S13: performing cross-correlation operation on the extracted features according to layers, and respectively constructing a matching mechanism by using a fourth layer and a fifth layer convolution feature diagrams of a template and a search area, wherein the sizes of response diagrams obtained by matching are equal, and the formula is as follows:

s14: overlapping the two response graphs in a channel mode;

the two response maps are 17x17x1, and are superimposed in the direction of the channel to 17x17x2.

S15: the use of channel and spatial information focuses on more important features and suppresses unnecessary features. For the superimposed response graphs, the weighting of their respective channels and spaces should be found, using a mechanism of interest. Expression of channel attention mechanism:

M _c (F)＝σ(MLP(AvgPool(F))+MLP(MaxPool(F)))

S16: and determining the maximum response value point on the score map.

The resulting response map is passed through a 1x1 convolution layer to yield a score map of size 17x17x 1. And performing bicubic interpolation according to the obtained score graph of 17x17x1 to generate 272x272 images, wherein the point with the maximum response value is the midpoint of the object.

It will be apparent to those skilled in the art that various modifications and variations can be made to the present invention without departing from the spirit or scope of the invention. Thus, it is intended that the present invention also include such modifications and alterations insofar as they come within the scope of the appended claims or the equivalents thereof.

Claims

1. The multi-full convolution fusion single target tracking method based on the twin network is characterized by comprising the following steps of:

preprocessing target images, determining the side lengths of a template and a search area, taking a target of a first frame image as a center, taking a picture block cut by the side length of the template as a template area, cutting each frame image as a search area by the side length of the search area, wherein the template area is smaller, and filling edges by the average value of the pictures;

step four, superposing two response graphs in a channel mode, wherein the sizes of the two response graphs are 17x17x1, and the two response graphs are superposed in the channel direction to be 17x17x2;

step five, expression of channel focusing mechanism:

M _c (F)＝σ(MLP(AvgPool(F))+MLP(MaxPool(F)))
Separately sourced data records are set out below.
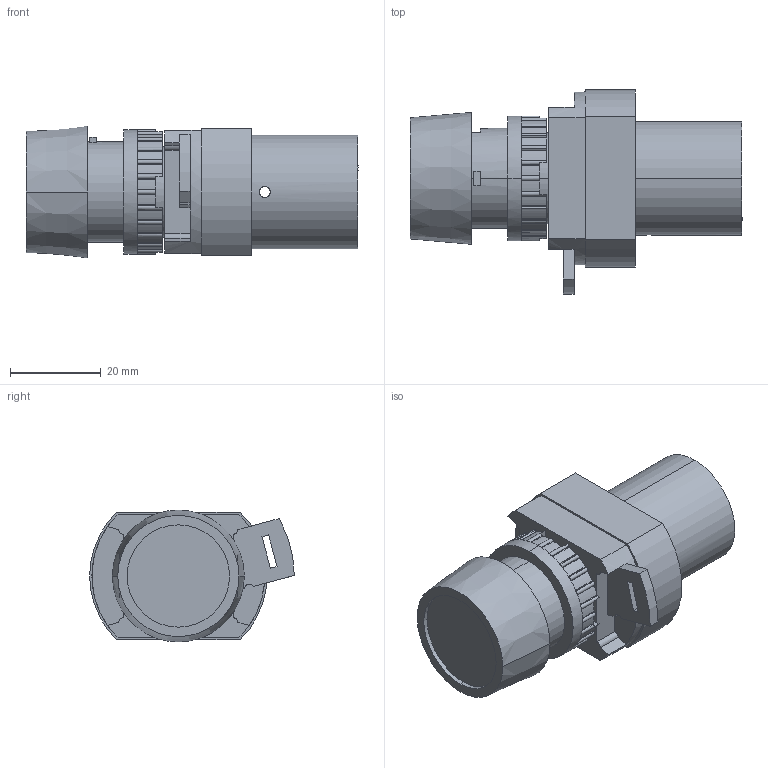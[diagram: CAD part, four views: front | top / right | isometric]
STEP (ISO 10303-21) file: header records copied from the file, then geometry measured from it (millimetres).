
FILE_DESCRIPTION (( 'STEP AP203' ), '1' );
FILE_NAME ('18-T-23-011_T-30-310-Airtec.step', '2006-10-31T13:13:21', ( 'Gustaf Hederström' ), ( 'Cevican AB' ), 'SwSTEP 2.0', 'SolidWorks 2002308', '' );
FILE_SCHEMA (( 'CONFIG_CONTROL_DESIGN' ));
Length unit declared in the file: millimetre
Products named in the file (3): 18-T-23-011_T-30-310-Airtec; 18-T-23-011-Airtec; T-30-310-Airtec
Assembly tree (2 placements, depth 2):
  18-T-23-011_T-30-310-Airtec
    18-T-23-011-Airtec
    T-30-310-Airtec
Bounding box: 73 x 45 x 29 mm (x, y, z)
Volume: 42676.8 mm3; surface area: 12639.4 mm2
Topology: 2 solids, 2 shells, 292 faces, 802 edges, 521 vertices
Faces by surface type: cylinder 155, plane 127, cone 8, bspline 2
Entity records: 9774 total; most frequent: DIRECTION 1773, CARTESIAN_POINT 1712, ORIENTED_EDGE 1592, EDGE_CURVE 796, AXIS2_PLACEMENT_3D 686, VERTEX_POINT 521, LINE 401, VECTOR 401

wherein, avgPool (F) and MaxPool (F) represent respectively carrying out average pooling and maximum pooling on space dimension, MLP represents a multi-layer perceptron, and sigma represents a Sigmoid activation function; expression of spatial attention mechanism: expression of spatial attention mechanism: m is M _s (F)＝σ(f ^7×7 ([AvgPool(F)；MaxPool(F)]))

wherein,representing element-by-element multiplication, wherein F is a response diagram after superposition, F 'is a score diagram output after channel attention, and F' is a score diagram finally output;

step six, determining the maximum response value point on the score map, obtaining a score map with the size of 17x17x1 by a 1x1 convolution layer of the obtained response map, and performing bicubic interpolation according to the obtained score map of 17x17x1 to generate an image of 272x272, wherein the maximum response value point is the midpoint of the object.

2. The twin network-based multi-full convolution fusion single-target tracking method according to claim 1, wherein the Alexnet five-layer convolution is selected as a backbone network, model parameters through which two inputs pass are identical, and feature maps of a fourth layer 8x8x192, 24x24x192 and a fifth layer 6x6x128, 22x22x128 are selected respectively.